**Task instructions**. Below are the records; locate each line with the word "Clean" and copy it.

[Stored items]
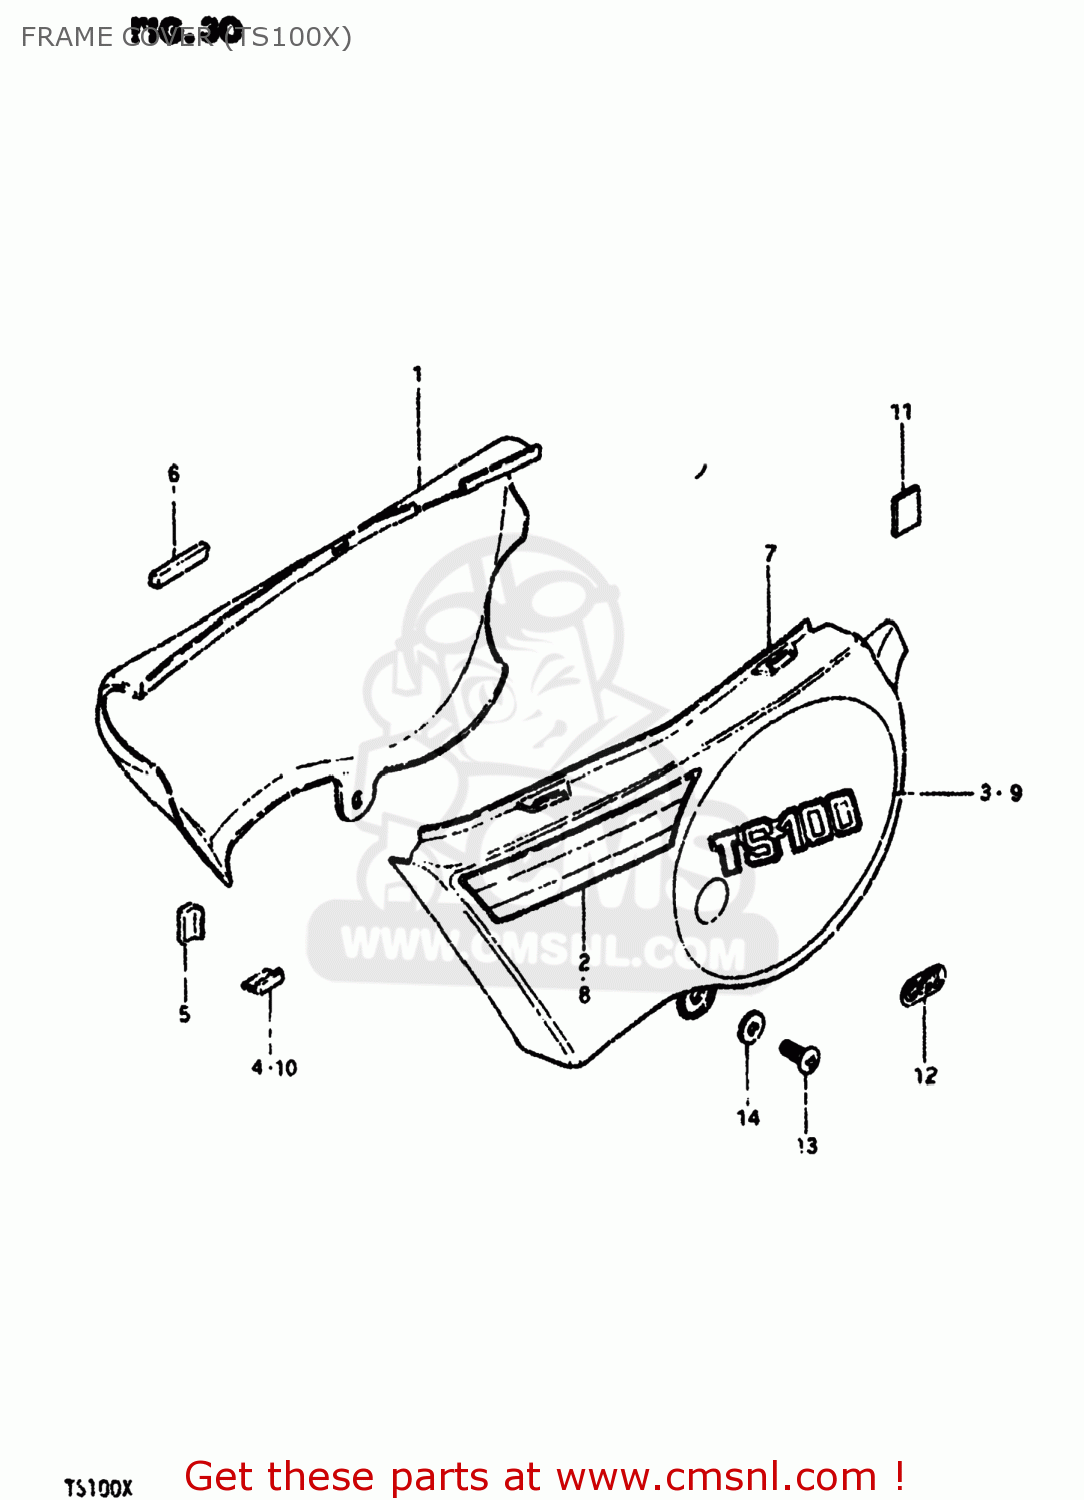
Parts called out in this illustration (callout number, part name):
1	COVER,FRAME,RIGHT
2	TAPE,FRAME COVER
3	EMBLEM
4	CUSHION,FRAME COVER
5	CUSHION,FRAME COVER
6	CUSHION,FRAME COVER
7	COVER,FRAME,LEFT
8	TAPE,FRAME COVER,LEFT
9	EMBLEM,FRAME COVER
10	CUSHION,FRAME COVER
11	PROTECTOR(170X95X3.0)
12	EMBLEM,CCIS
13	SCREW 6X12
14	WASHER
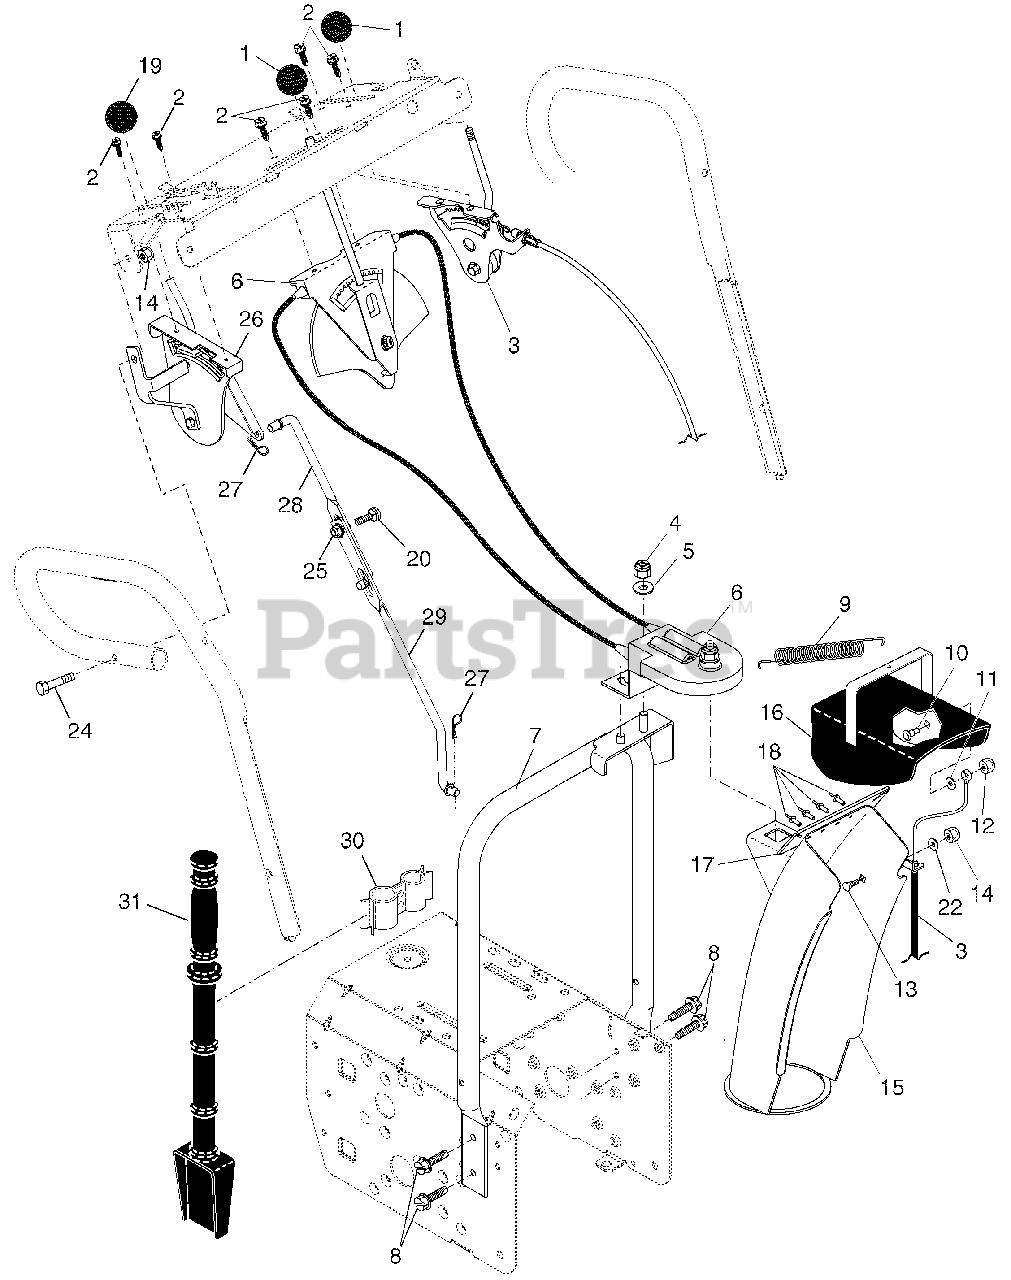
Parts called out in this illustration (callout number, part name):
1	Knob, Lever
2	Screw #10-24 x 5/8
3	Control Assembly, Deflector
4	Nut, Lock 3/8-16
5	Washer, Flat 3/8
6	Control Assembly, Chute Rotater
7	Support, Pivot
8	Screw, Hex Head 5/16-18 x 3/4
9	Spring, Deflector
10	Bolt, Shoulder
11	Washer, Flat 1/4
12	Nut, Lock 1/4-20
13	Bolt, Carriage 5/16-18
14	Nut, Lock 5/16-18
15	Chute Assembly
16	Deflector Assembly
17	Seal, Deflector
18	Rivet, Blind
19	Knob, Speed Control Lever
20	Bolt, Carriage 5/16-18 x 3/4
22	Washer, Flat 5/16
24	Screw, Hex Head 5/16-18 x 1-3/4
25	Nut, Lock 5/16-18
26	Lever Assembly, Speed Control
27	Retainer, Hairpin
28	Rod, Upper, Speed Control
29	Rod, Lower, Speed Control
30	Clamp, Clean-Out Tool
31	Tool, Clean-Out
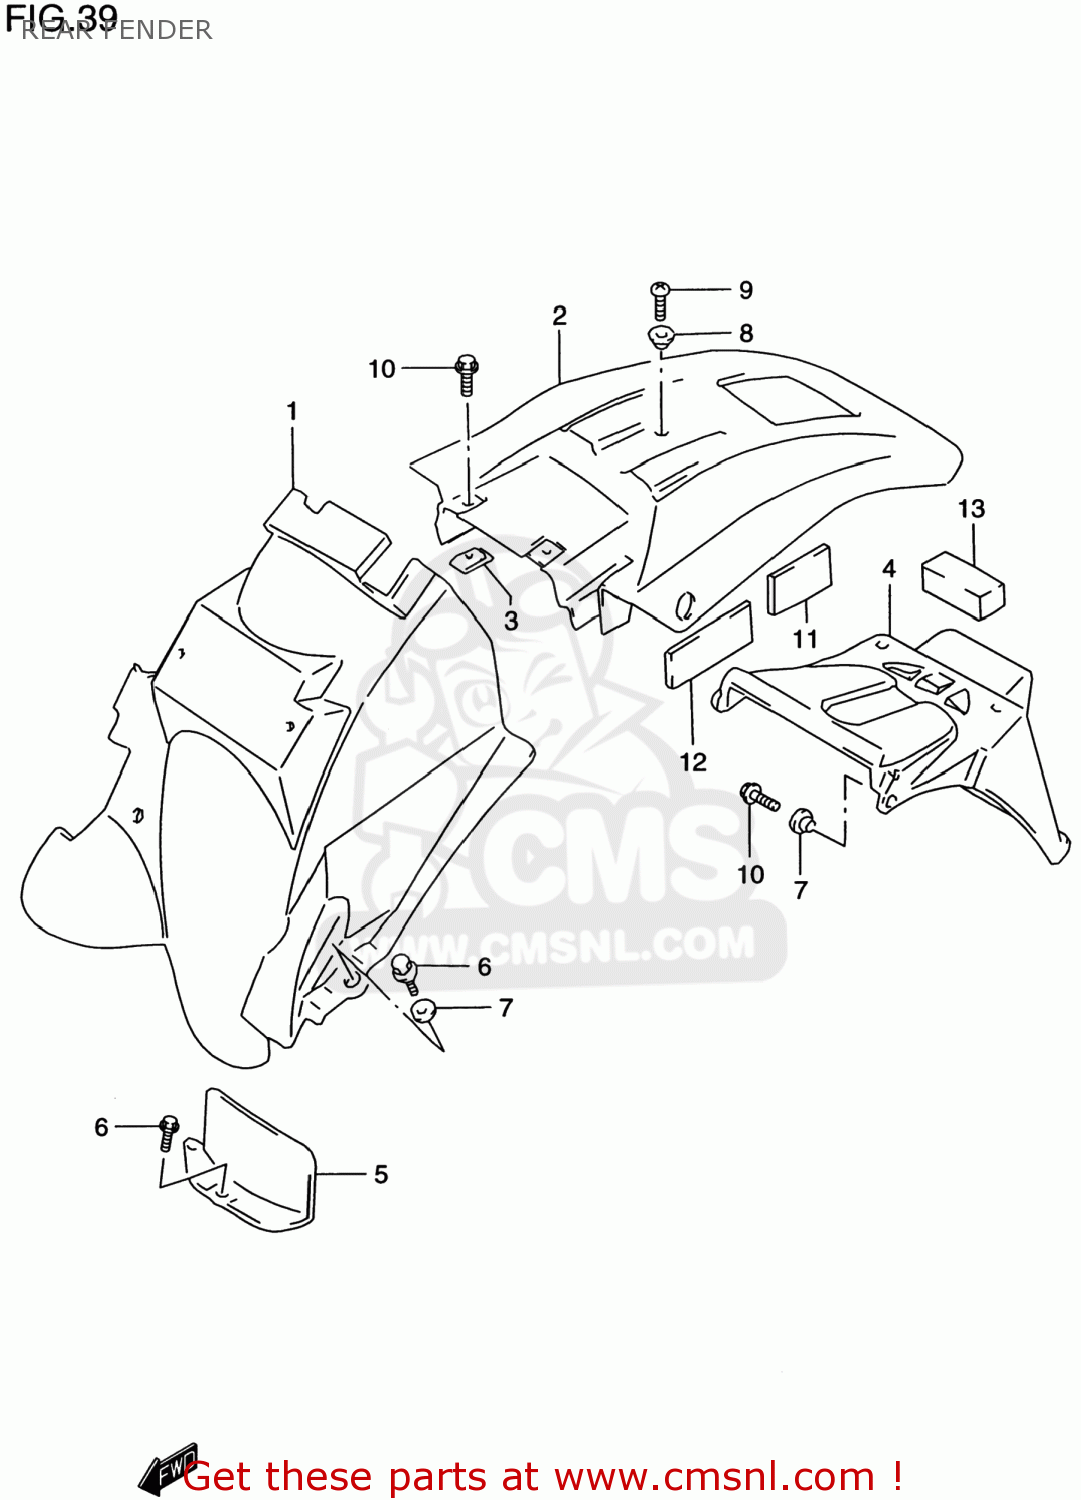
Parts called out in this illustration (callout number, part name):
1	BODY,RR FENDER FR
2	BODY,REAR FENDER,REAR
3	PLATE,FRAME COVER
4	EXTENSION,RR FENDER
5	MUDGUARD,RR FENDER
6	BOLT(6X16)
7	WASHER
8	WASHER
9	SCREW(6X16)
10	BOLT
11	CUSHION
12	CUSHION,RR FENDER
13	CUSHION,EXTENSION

**Exercise result**.
30	Clamp, Clean-Out Tool
31	Tool, Clean-Out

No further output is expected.